Памяти пафоса: Статьи, эссе, беседы - Александр Гольдштейн
Шрифт:
Интервал:
Закладка:
Стараюсь следить за статьями критиков и не припомню, когда бы я с их мнением согласился, что вообще-то показатель скверный — не потому, что я брюзга и высокомерное старое чучело, а потому, что недурно бы критику писать так, чтобы я встрепенулся, взяв на заметку: о, это необходимо прочесть. На Западе обозреватель, выдавший ругательную рецензию, которая на читателей так повлияла, что те книгу перестали покупать (или, наоборот, грубо перехваливший ее), может нарваться, его обвинят в намеренном подрыве финансовых позиций издательства либо — второй вариант — в корыстном отстаивании интересов фирмы. Премию подчас дают совершеннейшей дряни, однако рецензенты не распинаются, будто наградили «Преступление и наказание», они со всею четкостью поведают, кто есть кто. Русские критики безответственны, в России критик пишет по схеме: я книгу прочитал и вот что я вам про себя расскажу (смеется).
— Приходится слышать, что декларирование либеральных ценностей стало в российской литературной среде занятием малопочтенным, сомнительным, чуть ли не смешным, ибо не соответствует нарождающейся атмосфере неоконсерватизма. Насколько справедливы эти слухи?

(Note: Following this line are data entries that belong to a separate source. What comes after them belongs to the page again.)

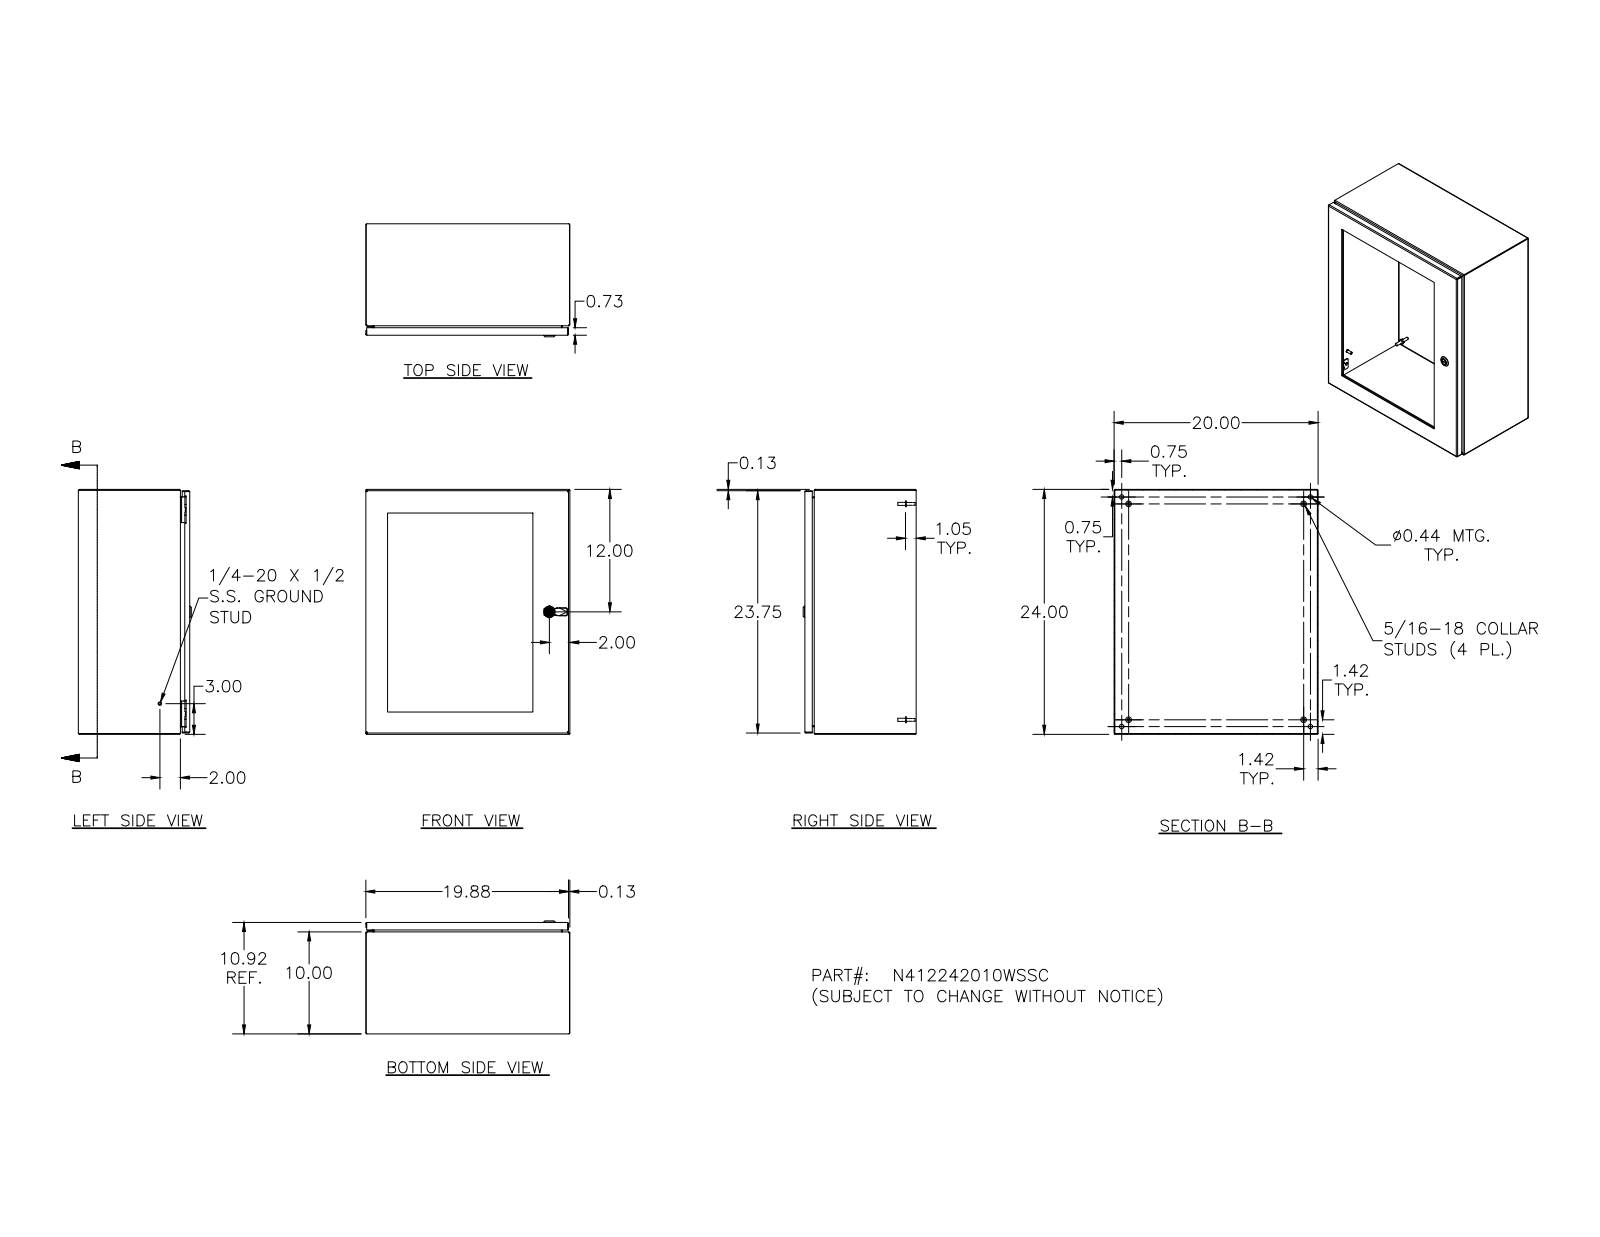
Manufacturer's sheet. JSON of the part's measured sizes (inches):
{"part_name": "N412242010WSSC; N412242010WSSCBKP; N4122420WSSCLID; HFW328176 (+8 more)", "step_written_by": "Autodesk Inventor 2011 (AUTOMOTIVE_DESIGN)", "units": "inches", "bodies": {"solids": 74, "faces": 2004, "planar": 776, "cylindrical": 573, "other": 655}, "overall_size": [24, 20, 11.075], "volume_in3": 212.8, "surface_area_in2": 4323, "round_holes": [[0.156, 20], [0.281, 18], [0.093, 4], [0.152, 4], [0.167, 4], [0.172, 4], [0.188, 4], [0.437, 4], [0.187, 1], [0.197, 1], [0.315, 1], [0.394, 1]], "round_bosses_or_shafts": [[0.19, 18], [0.253, 17], [0.25, 10], [0.563, 4], [0.36, 4], [0.32, 4], [0.3, 4], [0.275, 4]], "partial_cylinders_radius": [[0.031, 34], [0.05, 26], [0.105, 24], [0.016, 18], [0.125, 16], [0.02, 9], [0.032, 8], [0.157, 4]], "face_to_face_distances": [0.074, 10.843, 10.769, 19.926, 23.926, 0.25, 10.593, 10.519, 20, 19.852], "hole_center_spacings": [4, 8, 16.008, 12, 17.443, 20, 21.132, 15.5]}
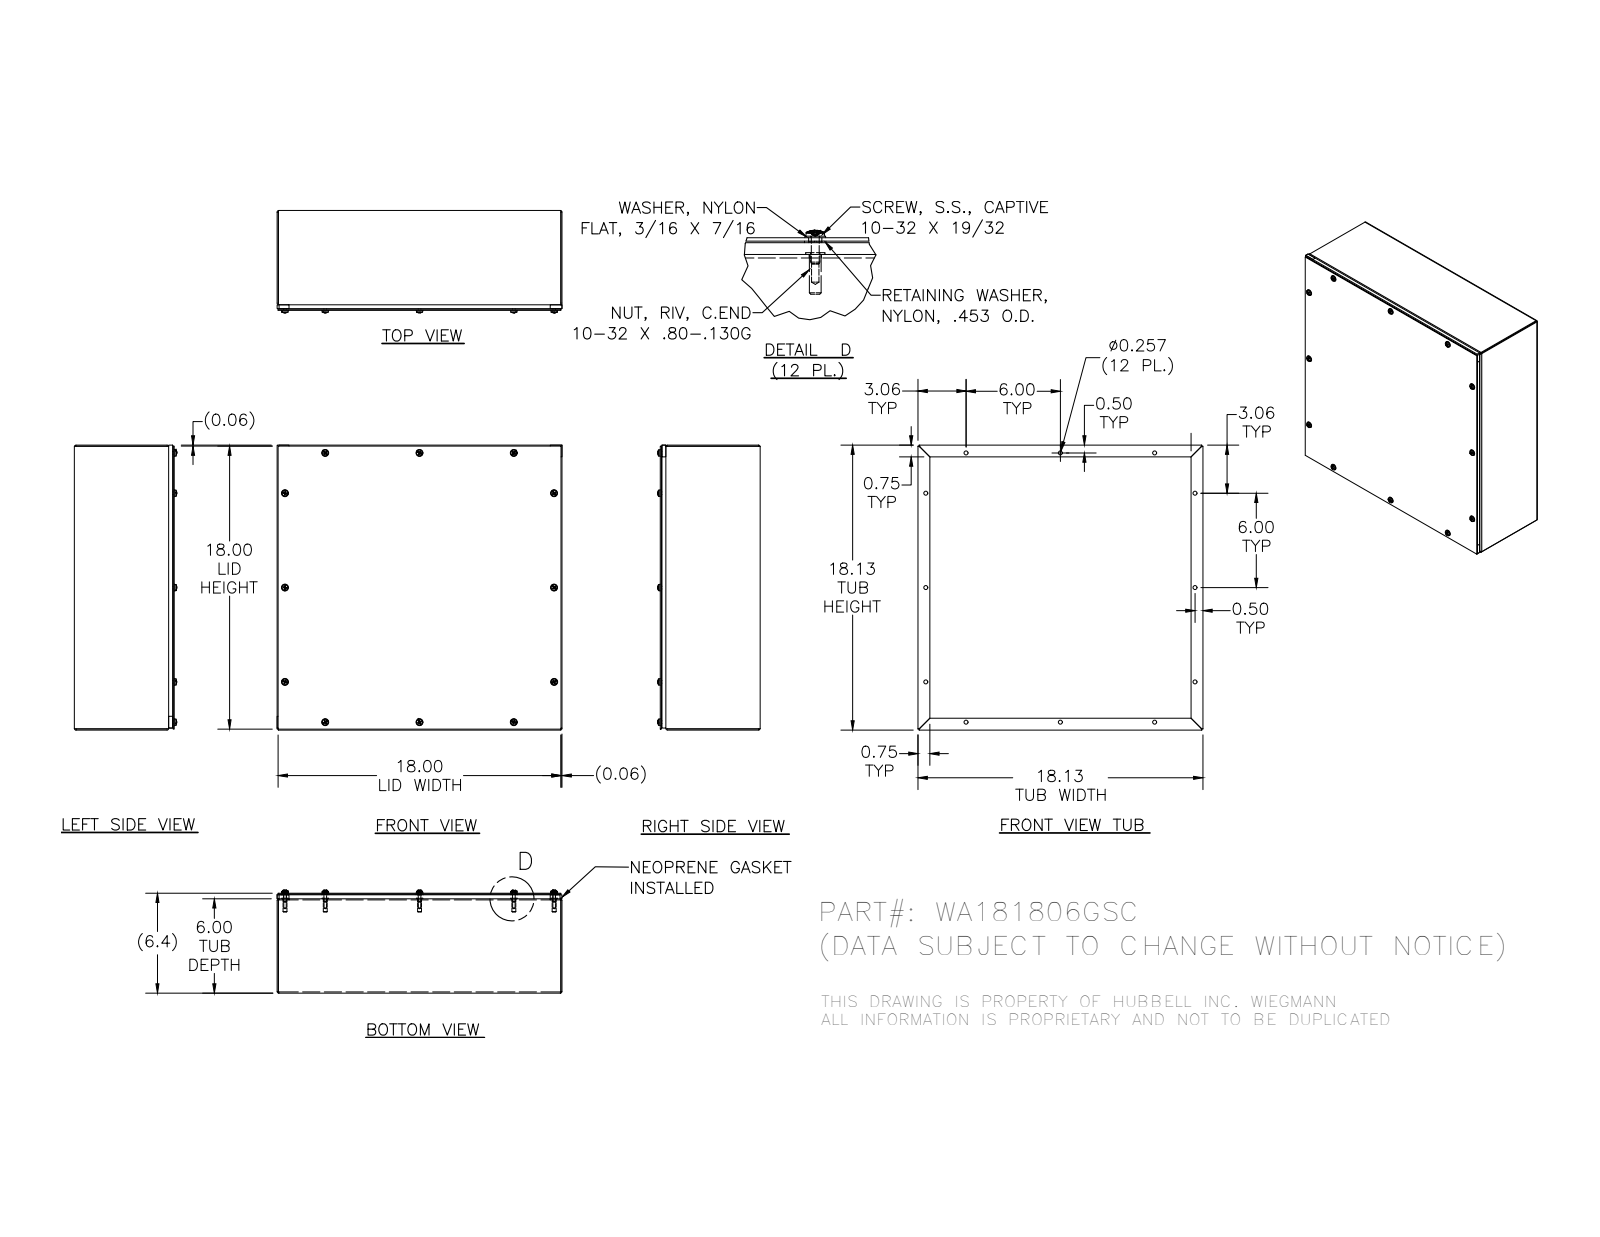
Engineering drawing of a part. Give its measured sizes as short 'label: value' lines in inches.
name: 39035; WA1818GSC_LP; WA181806GSC; WA181806GSCBKP (+3 more)
written by: SolidWorks 2014 (AUTOMOTIVE_DESIGN)
unit: in
bodies: 53 solids, 1258 faces (590 planar, 328 cylindrical, 340 other)
size: 18.125 × 18.125 × 6.511
volume: 93.73 in³; area: 2 396 in²
holes: 12× ⌀0.188, 12× ⌀0.257, 12× ⌀0.278, 12× ⌀0.281, 11× ⌀0.156, 11× ⌀0.196
bosses: 12× ⌀0.453, 12× ⌀0.437, 12× ⌀0.167, 11× ⌀0.406, 11× ⌀0.248
rounds: 12× R0.089, 8× R0.031, 8× R0.105
face distances: 0.074, 6.282, 18.051, 6.356, 6.208, 18.125, 17.977, 0.356, 5.926, 0.282
hole spacings: 6, 8.938, 18.146, 14.786, 12, 16.893, 16.893, 8.937
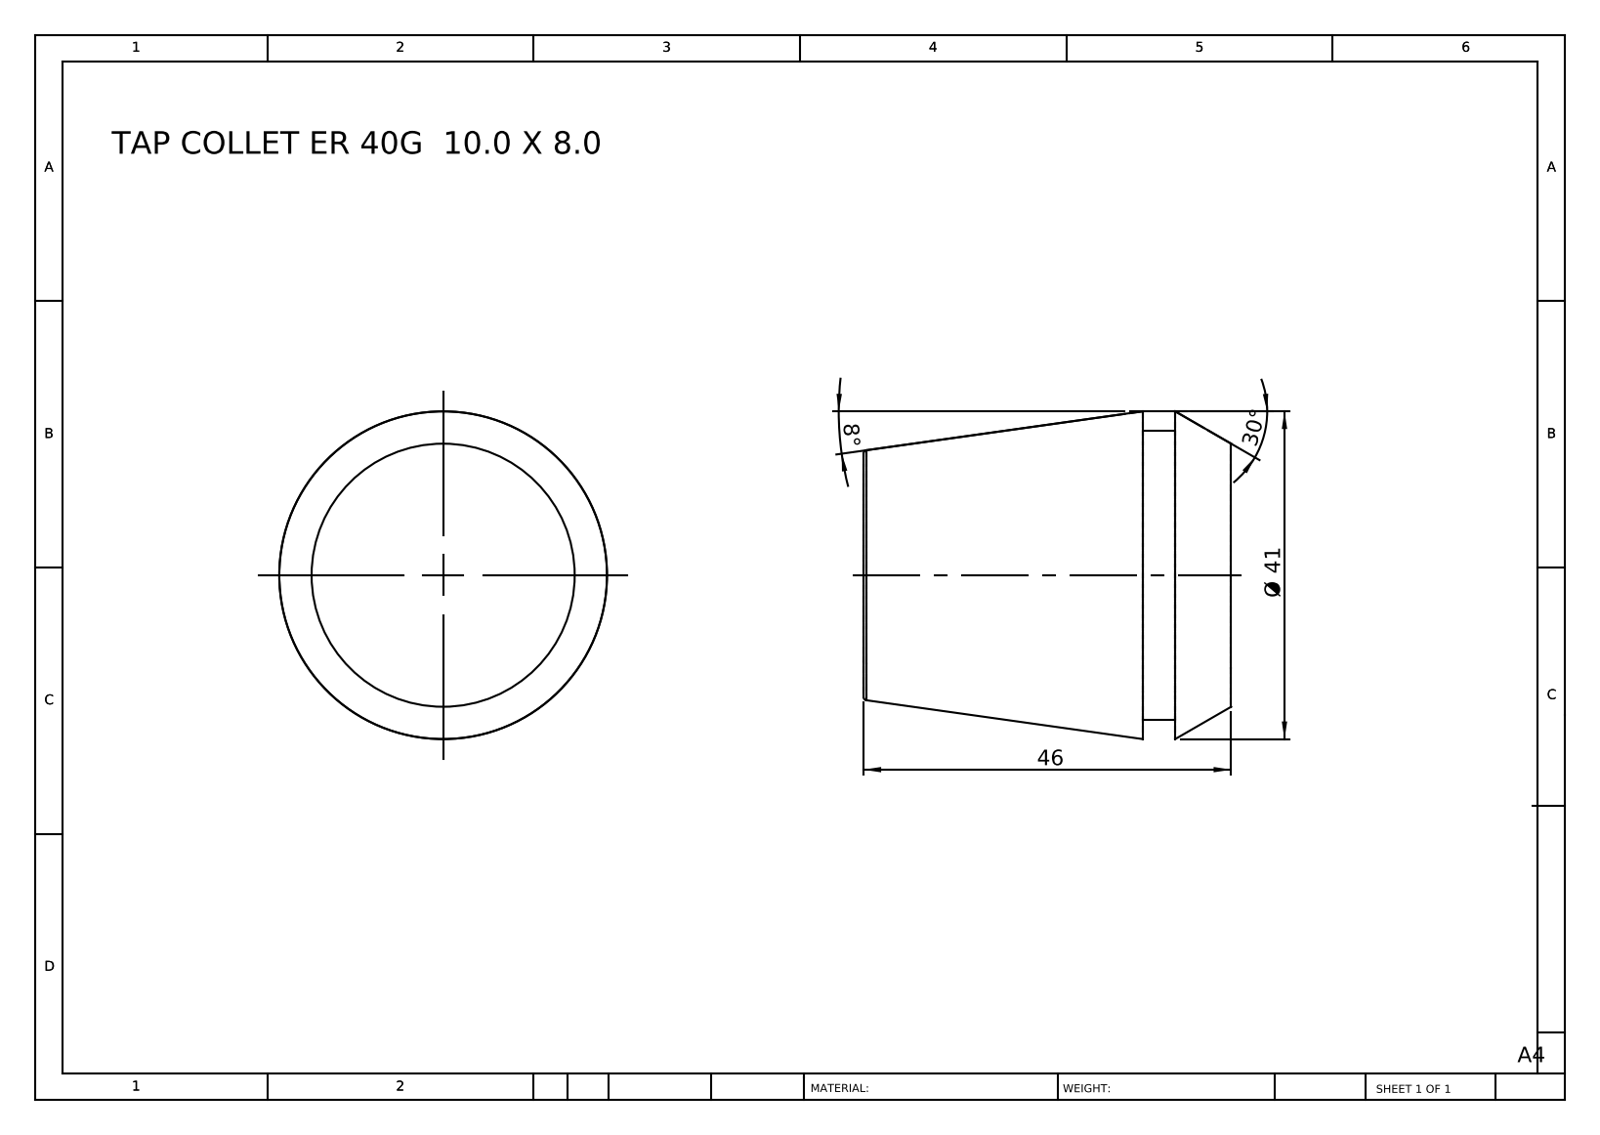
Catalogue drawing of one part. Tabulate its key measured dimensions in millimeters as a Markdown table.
| quantity | value |
| --- | --- |
| part name | TAP COLLET ER 40G 10.0 X 8.0 |
| STEP written by | SolidWorks 2014 (CONFIG_CONTROL_DESIGN) |
| units | millimeters |
| bodies | 1 solid, 12 faces (4 planar, 2 cylindrical, 6 other) |
| overall size | 46 × 41 × 41 |
| volume | 47 690 mm³ |
| surface area | 7 586 mm² |
| round bosses / shafts (diameter × count) | 36.2 × 1 |
| main face-to-face distances | 46, 11.1, 34.9, 7, 4.1, 39 |
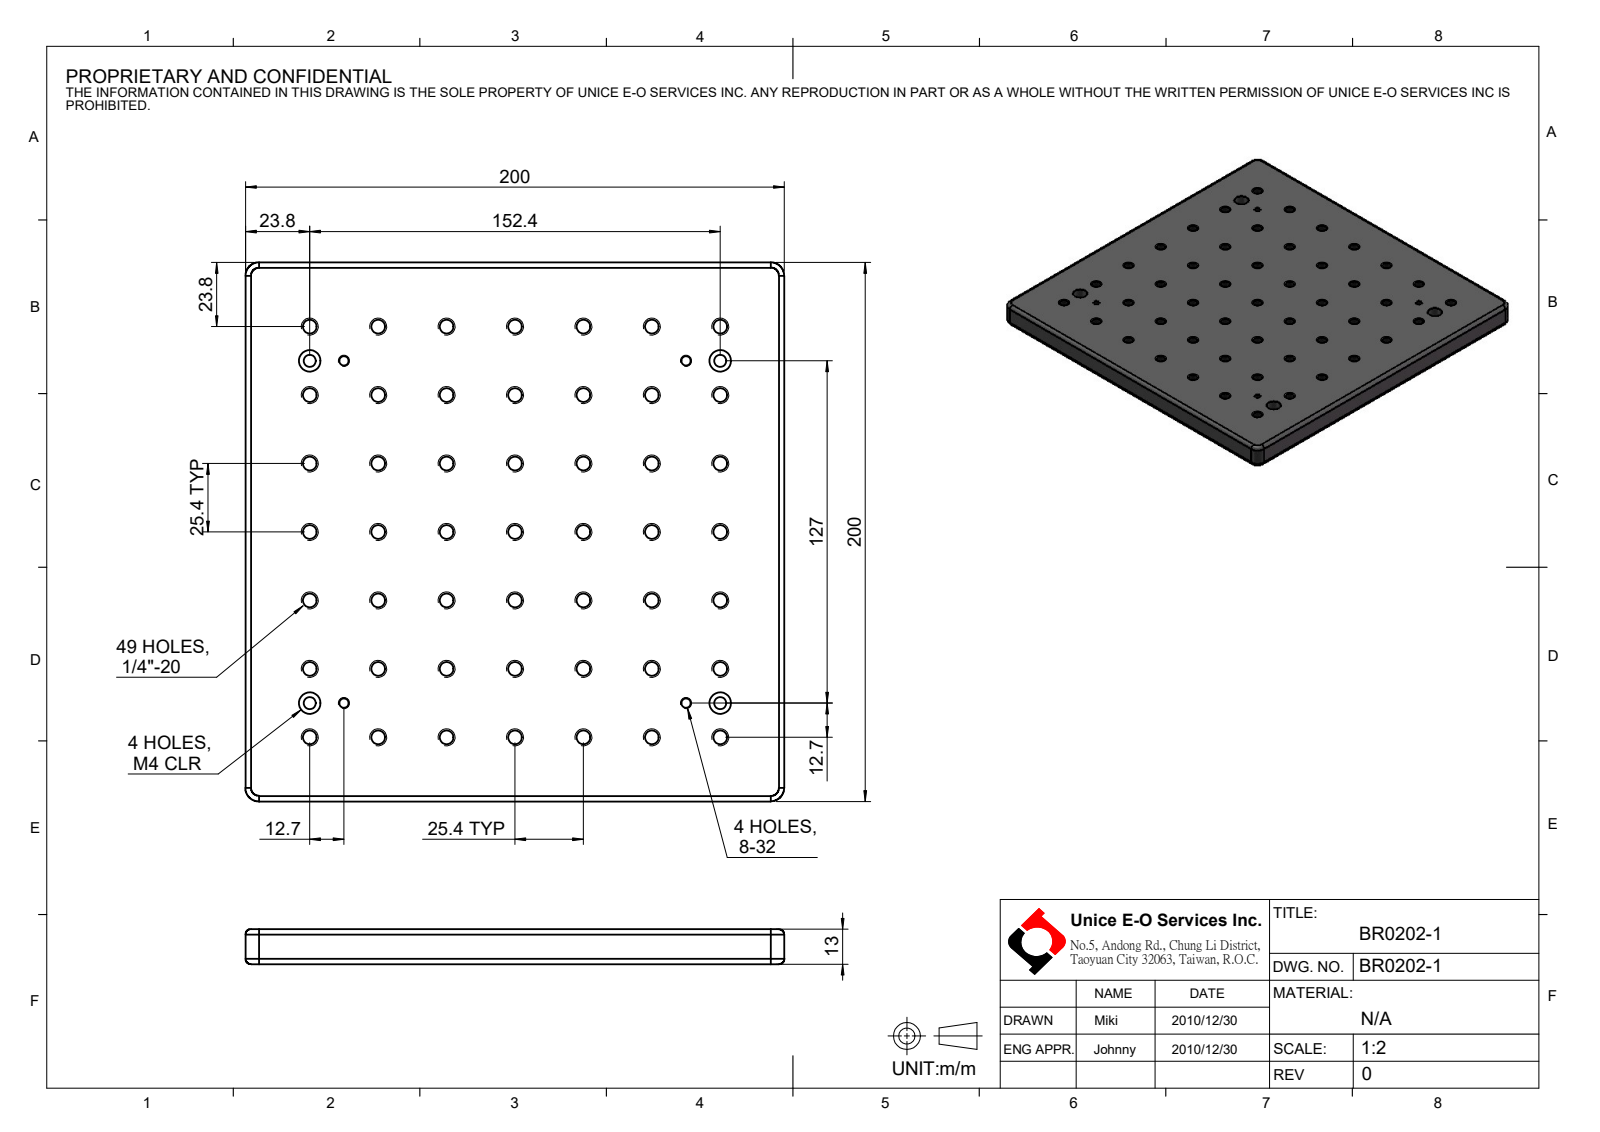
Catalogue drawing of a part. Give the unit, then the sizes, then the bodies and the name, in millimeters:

— Я уже не очень понимаю, какое содержание вкладывают в словосочетание «либеральные ценности», как не вполне ясен мне и смысл современного консерватизма… Со мной в молодости была такая история. После института работал я инженеришкой на химическом заводе, сначала в цеху, потом, после случившегося у нас отравления, перевели меня для поправки здоровья в технический отдел, начальник которого был человек грубоватый, без тонкостей. Инженером я был плохим и, как почти всякий, кто плох, хотел доказать, что кое-что умею — такие-то нормы заложил и такие. И вот я в третий раз об этом начальнику сообщил, и он сквозь зубы хмуро процедил: «Чего заложишь, то и вытащишь». Острота немудреная, а приложима ко многому. Что составляет подтекст суждений об исчерпанности либеральных ценностей? Боязнь или неумение сказать так, чтобы это по-настоящему другого задело, чтобы «отозвались душевные струны». Если ты закладываешь в свой текст сарказм, скептицизм, снобизм, то ты их и вытащишь — «с иронией у него хорошо», одобрят тебя по заслугам. Если же ты напишешь: «Она ушла, я ломал руки», то рискуешь либо получить отзыв душевных струн, и вокруг воскликнут — давно мы не слыхали ничего подобного, где этот автор, мы хотим его видеть, обнять, либо тебя обвинят в дешевой, пятикопеечной мелодраме. Опасаясь быть оцененным в пять копеек, автор прячется в скепсис, в сарказм, но без чувства не выиграешь, цели не достигнешь, гола не забьешь! Гол и так в редчайших лишь случаях забивают, скепсис же и цинизм перекроют путь напрочь. Примеров опровергающих не сыскать. «Тропик Рака» Генри Миллера — трогательнейшая вещь, причем трогательность ее наподобие той, что в «Колымских рассказах»: люди поставлены вне жизни и там живут. И в Селине это присутствует, и в Жане Жене. Никуда от этого не уйти!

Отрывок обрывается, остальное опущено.